What do you presume had happened to get the U.S. corporations and workers to take their eyes off of their own economic interest? It seems the "carrot" of cheaper prices were dangled in front of them, but they didn't perceive the "sucker punch" of occupational layoffs that was inevitable in its wake. After all, we did, and do have economists such as Alan Greenspan, and now Ben Bernanke, who watch economic trends and make known their predictions.

How could this have happened??

Greed!

The phenomenon you are referring to, where U.S. corporations and workers prioritize lower prices over their own economic interest, can be attributed to a complex set of factors. Here is an explanation of some of the key elements that may have contributed to this situation:

1. Globalization and Trade Liberalization: Over the past few decades, there has been a significant increase in international trade and the liberalization of trade policies. This has resulted in the movement of production and manufacturing jobs to countries with lower labor costs, such as China and other developing nations. U.S. corporations may have been enticed by the potential for cost savings and access to larger consumer markets abroad.

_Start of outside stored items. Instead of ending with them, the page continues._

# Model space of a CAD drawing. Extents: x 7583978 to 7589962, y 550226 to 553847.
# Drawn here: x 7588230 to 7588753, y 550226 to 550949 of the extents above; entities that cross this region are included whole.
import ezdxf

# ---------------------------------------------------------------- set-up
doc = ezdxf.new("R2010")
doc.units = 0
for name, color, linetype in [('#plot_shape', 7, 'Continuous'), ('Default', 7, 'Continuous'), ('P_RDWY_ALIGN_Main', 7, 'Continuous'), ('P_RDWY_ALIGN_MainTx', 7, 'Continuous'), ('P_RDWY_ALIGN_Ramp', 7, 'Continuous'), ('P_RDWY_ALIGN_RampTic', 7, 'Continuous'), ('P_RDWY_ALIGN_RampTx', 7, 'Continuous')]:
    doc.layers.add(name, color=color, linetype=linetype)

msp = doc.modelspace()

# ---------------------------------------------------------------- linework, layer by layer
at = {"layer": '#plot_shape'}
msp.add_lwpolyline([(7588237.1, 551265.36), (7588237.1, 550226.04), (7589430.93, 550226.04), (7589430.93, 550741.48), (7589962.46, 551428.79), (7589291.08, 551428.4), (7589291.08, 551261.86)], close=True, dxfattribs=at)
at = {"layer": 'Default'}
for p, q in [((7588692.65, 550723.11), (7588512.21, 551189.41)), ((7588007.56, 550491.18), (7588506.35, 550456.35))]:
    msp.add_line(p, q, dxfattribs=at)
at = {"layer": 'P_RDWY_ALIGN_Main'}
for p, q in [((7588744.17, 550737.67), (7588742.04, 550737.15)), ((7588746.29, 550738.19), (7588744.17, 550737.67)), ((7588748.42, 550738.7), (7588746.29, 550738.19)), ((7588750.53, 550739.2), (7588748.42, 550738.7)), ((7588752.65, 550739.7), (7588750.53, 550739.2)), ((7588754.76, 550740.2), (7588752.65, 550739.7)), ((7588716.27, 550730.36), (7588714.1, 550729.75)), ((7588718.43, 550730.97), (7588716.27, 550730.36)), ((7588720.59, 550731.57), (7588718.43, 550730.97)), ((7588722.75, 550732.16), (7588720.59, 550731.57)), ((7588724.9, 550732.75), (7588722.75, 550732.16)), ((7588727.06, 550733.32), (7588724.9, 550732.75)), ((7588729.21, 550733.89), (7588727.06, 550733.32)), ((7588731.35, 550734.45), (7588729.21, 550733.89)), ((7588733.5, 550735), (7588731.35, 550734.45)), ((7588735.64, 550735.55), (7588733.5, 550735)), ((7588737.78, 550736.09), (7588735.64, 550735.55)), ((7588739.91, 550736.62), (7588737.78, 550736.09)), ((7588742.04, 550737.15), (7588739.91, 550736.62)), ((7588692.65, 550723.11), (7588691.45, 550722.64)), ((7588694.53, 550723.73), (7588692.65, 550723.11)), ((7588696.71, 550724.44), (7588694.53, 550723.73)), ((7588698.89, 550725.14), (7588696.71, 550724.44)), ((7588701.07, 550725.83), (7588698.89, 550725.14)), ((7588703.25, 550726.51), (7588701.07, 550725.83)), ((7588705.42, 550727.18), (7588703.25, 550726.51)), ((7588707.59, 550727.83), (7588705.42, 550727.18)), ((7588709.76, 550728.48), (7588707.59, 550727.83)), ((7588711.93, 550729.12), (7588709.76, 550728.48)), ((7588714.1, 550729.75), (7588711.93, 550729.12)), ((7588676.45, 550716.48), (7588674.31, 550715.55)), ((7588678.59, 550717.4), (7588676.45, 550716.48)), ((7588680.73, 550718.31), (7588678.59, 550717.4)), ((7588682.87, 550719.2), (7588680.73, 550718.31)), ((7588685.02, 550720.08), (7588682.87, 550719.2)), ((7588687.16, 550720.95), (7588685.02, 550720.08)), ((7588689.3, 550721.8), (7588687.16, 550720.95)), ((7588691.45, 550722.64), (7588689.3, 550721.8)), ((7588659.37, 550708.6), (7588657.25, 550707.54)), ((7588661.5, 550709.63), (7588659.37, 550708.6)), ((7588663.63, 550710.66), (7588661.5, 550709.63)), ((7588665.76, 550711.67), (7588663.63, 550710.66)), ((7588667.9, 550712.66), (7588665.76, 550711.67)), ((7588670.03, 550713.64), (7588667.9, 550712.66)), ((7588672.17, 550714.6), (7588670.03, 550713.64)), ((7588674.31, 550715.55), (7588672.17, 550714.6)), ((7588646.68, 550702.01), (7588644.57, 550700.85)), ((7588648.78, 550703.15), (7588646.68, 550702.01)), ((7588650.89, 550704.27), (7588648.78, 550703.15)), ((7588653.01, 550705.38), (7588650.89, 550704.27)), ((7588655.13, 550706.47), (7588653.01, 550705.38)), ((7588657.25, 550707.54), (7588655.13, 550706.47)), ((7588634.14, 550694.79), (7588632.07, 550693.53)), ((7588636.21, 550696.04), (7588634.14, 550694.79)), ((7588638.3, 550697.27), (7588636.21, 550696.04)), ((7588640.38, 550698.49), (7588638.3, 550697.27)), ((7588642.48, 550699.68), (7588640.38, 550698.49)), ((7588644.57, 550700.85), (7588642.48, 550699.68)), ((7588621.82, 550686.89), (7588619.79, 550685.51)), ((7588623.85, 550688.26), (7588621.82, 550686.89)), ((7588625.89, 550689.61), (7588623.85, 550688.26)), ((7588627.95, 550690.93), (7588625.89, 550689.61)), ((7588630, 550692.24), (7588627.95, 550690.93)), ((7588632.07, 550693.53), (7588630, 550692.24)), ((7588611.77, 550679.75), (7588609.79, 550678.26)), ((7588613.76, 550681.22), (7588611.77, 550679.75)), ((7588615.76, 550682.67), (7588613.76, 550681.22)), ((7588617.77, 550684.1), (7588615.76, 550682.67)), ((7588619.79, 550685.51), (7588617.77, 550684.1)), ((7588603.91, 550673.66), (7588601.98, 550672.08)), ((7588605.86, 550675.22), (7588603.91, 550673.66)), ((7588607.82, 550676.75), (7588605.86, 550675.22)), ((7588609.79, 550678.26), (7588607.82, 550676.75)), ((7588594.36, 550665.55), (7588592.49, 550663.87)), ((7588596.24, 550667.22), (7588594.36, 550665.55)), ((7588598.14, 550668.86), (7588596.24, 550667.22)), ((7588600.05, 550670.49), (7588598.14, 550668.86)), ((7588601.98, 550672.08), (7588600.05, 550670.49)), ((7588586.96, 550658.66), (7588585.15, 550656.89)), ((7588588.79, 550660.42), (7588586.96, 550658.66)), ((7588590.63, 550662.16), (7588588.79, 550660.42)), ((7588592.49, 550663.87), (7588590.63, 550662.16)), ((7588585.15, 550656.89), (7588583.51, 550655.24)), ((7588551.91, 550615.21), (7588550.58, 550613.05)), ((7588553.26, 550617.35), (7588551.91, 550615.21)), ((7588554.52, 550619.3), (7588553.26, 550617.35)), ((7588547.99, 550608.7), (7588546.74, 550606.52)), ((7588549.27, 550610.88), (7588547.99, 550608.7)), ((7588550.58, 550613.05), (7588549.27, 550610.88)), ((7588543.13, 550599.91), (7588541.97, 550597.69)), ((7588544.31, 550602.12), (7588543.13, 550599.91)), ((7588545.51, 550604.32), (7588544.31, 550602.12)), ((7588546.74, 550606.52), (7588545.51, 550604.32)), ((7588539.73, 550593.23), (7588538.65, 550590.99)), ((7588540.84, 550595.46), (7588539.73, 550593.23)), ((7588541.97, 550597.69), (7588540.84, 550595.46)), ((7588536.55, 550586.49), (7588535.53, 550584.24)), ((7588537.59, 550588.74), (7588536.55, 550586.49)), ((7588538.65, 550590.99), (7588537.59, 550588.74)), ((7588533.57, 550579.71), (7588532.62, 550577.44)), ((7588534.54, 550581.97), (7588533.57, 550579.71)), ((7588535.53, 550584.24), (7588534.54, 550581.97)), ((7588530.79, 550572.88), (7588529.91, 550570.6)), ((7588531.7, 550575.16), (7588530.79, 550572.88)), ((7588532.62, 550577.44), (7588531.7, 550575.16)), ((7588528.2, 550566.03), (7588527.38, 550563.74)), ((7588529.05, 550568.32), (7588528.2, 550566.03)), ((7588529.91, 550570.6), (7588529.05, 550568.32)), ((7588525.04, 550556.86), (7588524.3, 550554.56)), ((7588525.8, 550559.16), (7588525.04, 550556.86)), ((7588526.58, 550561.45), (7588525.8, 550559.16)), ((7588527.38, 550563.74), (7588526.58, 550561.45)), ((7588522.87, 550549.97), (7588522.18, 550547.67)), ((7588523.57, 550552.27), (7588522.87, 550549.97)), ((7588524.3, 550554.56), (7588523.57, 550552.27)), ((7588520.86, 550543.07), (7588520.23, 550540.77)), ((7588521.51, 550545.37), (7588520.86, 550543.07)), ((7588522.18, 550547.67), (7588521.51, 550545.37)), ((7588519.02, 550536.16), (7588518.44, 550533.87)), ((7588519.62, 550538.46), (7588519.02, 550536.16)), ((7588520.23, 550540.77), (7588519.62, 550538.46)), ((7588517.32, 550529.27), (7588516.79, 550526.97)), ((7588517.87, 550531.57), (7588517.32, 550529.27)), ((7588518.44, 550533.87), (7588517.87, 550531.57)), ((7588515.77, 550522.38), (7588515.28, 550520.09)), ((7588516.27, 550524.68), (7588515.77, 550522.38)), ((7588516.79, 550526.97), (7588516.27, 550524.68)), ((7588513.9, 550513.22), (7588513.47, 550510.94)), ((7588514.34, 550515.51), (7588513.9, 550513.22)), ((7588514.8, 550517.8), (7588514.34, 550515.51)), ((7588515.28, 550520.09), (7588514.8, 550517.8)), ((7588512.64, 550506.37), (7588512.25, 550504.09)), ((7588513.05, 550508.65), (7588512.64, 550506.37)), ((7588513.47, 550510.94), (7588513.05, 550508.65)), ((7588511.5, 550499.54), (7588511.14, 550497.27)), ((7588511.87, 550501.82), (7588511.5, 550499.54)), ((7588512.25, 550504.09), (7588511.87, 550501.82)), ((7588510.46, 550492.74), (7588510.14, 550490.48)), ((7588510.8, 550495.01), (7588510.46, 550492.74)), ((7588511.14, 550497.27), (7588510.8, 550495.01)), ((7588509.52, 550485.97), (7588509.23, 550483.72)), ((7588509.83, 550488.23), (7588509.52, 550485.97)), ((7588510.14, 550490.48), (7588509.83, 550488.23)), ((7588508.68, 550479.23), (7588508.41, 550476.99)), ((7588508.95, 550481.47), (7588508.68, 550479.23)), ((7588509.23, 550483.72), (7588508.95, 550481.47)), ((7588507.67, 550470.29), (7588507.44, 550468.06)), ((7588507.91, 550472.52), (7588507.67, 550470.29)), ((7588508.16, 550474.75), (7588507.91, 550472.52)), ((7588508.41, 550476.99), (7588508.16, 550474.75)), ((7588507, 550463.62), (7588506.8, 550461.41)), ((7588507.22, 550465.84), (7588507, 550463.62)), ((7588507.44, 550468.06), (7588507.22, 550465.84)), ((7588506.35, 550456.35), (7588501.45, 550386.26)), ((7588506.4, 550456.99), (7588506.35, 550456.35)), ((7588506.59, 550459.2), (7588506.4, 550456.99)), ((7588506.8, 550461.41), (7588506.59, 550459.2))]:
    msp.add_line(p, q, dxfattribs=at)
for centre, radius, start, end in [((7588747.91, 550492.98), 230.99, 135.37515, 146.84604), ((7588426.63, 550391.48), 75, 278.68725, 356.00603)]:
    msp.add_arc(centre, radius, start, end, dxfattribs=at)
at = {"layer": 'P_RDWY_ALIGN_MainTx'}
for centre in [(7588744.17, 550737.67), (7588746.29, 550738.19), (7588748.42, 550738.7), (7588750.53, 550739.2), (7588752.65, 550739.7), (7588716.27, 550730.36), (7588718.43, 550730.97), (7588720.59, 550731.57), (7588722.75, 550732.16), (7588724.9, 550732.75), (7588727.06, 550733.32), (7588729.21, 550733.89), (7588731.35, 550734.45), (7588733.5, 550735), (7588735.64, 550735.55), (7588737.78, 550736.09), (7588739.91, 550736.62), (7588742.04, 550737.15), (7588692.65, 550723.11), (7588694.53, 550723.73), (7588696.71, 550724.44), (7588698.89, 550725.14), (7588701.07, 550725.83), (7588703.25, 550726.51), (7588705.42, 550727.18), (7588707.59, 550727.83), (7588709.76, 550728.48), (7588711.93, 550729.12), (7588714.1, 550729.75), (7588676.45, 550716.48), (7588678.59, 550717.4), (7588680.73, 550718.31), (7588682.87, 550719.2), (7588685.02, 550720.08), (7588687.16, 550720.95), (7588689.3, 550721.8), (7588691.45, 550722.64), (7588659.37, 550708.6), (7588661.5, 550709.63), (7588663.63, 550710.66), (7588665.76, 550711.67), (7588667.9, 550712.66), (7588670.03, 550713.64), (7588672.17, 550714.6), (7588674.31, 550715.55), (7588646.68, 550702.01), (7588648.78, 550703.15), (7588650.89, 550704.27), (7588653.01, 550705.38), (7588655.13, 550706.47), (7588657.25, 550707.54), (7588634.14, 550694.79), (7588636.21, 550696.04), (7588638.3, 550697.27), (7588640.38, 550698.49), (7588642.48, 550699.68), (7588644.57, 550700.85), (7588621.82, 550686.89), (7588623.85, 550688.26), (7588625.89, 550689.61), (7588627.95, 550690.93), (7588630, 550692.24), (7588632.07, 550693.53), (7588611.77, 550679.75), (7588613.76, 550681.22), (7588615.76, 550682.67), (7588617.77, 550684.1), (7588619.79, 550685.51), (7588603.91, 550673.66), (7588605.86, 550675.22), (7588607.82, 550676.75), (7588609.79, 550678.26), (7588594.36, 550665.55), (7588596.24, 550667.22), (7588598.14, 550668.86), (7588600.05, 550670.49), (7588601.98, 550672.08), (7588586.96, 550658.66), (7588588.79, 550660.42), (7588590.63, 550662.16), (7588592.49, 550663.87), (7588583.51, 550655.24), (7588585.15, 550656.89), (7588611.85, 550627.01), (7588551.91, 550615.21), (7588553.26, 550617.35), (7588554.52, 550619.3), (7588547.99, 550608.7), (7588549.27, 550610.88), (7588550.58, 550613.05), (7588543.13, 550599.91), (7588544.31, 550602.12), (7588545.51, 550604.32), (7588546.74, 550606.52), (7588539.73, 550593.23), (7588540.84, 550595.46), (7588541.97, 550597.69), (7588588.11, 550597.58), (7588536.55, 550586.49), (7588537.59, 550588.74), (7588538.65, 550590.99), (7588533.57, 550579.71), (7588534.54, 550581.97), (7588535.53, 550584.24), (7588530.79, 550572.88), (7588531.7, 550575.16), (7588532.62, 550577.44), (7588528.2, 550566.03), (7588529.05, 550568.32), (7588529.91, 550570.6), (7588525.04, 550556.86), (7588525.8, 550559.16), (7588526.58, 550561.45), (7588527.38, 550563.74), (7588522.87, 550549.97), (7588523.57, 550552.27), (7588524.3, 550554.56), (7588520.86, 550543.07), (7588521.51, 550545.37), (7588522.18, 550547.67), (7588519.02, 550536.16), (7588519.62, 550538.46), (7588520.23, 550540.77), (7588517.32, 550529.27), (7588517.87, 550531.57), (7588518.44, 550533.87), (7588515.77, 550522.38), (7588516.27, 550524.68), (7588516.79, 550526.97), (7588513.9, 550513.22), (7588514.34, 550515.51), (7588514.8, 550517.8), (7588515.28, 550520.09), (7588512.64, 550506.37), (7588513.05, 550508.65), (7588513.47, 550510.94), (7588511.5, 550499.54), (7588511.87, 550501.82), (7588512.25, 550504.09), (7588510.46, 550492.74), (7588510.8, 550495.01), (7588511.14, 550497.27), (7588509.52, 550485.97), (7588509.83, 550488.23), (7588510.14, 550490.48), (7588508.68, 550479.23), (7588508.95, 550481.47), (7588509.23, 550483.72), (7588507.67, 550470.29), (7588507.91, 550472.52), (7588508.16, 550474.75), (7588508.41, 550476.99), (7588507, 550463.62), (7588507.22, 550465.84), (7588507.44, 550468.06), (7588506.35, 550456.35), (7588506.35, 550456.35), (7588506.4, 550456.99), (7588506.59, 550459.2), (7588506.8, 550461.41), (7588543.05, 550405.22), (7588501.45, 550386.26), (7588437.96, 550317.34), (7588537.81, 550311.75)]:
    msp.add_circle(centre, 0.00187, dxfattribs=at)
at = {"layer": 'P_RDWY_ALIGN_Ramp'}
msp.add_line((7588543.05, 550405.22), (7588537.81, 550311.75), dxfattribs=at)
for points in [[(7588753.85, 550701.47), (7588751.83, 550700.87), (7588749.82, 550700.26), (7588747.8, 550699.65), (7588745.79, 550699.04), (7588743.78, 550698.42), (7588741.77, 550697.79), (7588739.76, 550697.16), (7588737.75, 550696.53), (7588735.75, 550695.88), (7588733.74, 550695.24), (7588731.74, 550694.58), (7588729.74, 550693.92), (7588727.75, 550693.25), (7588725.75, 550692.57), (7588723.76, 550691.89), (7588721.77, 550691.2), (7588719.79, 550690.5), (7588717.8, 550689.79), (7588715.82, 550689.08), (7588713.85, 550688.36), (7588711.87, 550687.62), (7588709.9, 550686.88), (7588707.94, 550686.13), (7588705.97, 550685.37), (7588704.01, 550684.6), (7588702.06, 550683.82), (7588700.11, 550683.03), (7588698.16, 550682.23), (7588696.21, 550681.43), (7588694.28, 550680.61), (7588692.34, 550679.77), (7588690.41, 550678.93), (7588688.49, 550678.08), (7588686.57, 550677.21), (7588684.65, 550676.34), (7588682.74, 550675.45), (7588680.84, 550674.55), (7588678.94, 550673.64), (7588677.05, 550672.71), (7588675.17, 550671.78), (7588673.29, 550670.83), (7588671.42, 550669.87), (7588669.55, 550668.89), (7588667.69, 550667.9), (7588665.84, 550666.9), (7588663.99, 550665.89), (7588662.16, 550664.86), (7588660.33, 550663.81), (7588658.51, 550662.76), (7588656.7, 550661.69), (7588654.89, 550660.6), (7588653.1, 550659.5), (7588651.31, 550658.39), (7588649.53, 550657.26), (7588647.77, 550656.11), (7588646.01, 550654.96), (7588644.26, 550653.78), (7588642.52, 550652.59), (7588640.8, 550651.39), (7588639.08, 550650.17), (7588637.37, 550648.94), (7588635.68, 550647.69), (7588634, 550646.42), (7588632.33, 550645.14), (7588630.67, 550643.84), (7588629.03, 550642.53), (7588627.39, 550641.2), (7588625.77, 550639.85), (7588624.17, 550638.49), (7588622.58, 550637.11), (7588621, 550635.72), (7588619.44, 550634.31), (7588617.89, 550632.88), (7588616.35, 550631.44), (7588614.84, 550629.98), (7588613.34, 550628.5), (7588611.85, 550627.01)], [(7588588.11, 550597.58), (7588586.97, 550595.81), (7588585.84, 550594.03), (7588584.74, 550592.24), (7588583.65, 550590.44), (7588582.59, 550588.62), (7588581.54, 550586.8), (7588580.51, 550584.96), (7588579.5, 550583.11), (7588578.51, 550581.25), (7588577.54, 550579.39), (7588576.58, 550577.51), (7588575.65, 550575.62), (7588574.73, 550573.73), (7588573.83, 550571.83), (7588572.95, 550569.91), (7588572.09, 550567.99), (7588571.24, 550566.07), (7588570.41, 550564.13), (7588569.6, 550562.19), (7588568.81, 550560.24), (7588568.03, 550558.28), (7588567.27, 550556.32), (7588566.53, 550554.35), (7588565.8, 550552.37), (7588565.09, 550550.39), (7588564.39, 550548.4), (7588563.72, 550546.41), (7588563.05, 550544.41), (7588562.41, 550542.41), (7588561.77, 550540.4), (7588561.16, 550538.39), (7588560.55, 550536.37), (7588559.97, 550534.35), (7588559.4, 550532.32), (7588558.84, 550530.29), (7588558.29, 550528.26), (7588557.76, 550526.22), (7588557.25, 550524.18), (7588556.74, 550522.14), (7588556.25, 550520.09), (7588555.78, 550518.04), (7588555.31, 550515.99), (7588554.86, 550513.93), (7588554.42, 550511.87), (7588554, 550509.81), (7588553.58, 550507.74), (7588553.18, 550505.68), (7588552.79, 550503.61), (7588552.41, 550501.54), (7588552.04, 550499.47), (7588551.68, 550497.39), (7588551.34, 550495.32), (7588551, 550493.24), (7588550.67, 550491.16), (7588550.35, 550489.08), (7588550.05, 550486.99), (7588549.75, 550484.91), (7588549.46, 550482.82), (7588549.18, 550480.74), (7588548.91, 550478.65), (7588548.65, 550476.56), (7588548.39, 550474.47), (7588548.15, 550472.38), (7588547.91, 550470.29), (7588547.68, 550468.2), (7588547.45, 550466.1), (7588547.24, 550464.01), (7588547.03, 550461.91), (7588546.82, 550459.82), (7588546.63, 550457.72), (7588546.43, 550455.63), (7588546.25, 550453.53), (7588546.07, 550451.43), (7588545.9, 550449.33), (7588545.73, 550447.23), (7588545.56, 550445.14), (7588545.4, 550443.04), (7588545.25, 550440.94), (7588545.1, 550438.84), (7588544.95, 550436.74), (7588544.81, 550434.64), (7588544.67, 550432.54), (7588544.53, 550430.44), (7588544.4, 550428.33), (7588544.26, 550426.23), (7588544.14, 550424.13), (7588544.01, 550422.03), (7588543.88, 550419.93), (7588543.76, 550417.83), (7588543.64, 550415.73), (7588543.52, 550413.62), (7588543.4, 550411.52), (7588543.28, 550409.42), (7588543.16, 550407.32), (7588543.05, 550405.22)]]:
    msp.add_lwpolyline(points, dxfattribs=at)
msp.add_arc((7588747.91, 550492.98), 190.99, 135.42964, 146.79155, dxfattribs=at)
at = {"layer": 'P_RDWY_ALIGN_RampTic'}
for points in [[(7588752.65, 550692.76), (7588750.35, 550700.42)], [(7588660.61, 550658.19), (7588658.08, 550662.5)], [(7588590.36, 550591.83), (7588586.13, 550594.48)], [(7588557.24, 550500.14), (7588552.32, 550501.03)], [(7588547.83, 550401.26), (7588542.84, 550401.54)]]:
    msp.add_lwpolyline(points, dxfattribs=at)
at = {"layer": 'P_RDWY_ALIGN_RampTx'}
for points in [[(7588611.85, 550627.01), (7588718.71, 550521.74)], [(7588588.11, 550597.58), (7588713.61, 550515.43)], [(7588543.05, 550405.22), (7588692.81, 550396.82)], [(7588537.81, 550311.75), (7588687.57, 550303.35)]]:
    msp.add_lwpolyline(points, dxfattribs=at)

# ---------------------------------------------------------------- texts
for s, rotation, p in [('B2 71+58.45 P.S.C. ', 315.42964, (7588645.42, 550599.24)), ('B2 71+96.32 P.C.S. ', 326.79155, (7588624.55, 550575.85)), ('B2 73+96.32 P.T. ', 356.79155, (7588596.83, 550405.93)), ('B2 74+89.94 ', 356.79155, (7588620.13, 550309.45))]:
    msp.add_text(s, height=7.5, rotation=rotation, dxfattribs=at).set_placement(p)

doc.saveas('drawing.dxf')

2. Consumer Demand for Lower Prices: In a competitive market, consumers often prioritize lower prices when making purchasing decisions. This could put pressure on corporations to find ways to lower costs, including shifting production overseas to take advantage of cheaper labor. As a result, corporations focused on meeting this demand in order to remain competitive and attract customers.

3. Supply Chain Optimization: As companies expanded globally, they began to build complex supply chains that spanned multiple countries. This allowed them to take advantage of cost efficiencies and harness specialized skills available in different regions. By spreading their operations across various locations, corporations could optimize their supply chains and reduce costs.

4. Economic Forecasting Limitations: While economists like Alan Greenspan and Ben Bernanke are renowned for their expertise in analyzing economic trends, predicting the long-term effects of trade liberalization on specific industries and employment can be challenging. Economic forecasts are based on assumptions that may not account for all the complex dynamics at play in a globalized economy. As a result, the potential impact of offshoring on occupational layoffs may not have been accurately predicted or communicated.

It is important to note that this explanation is a simplified overview of the underlying factors that may have influenced corporations and workers' decisions. The motivations and consequences of globalization and offshoring are multifaceted and can vary across industries and individuals.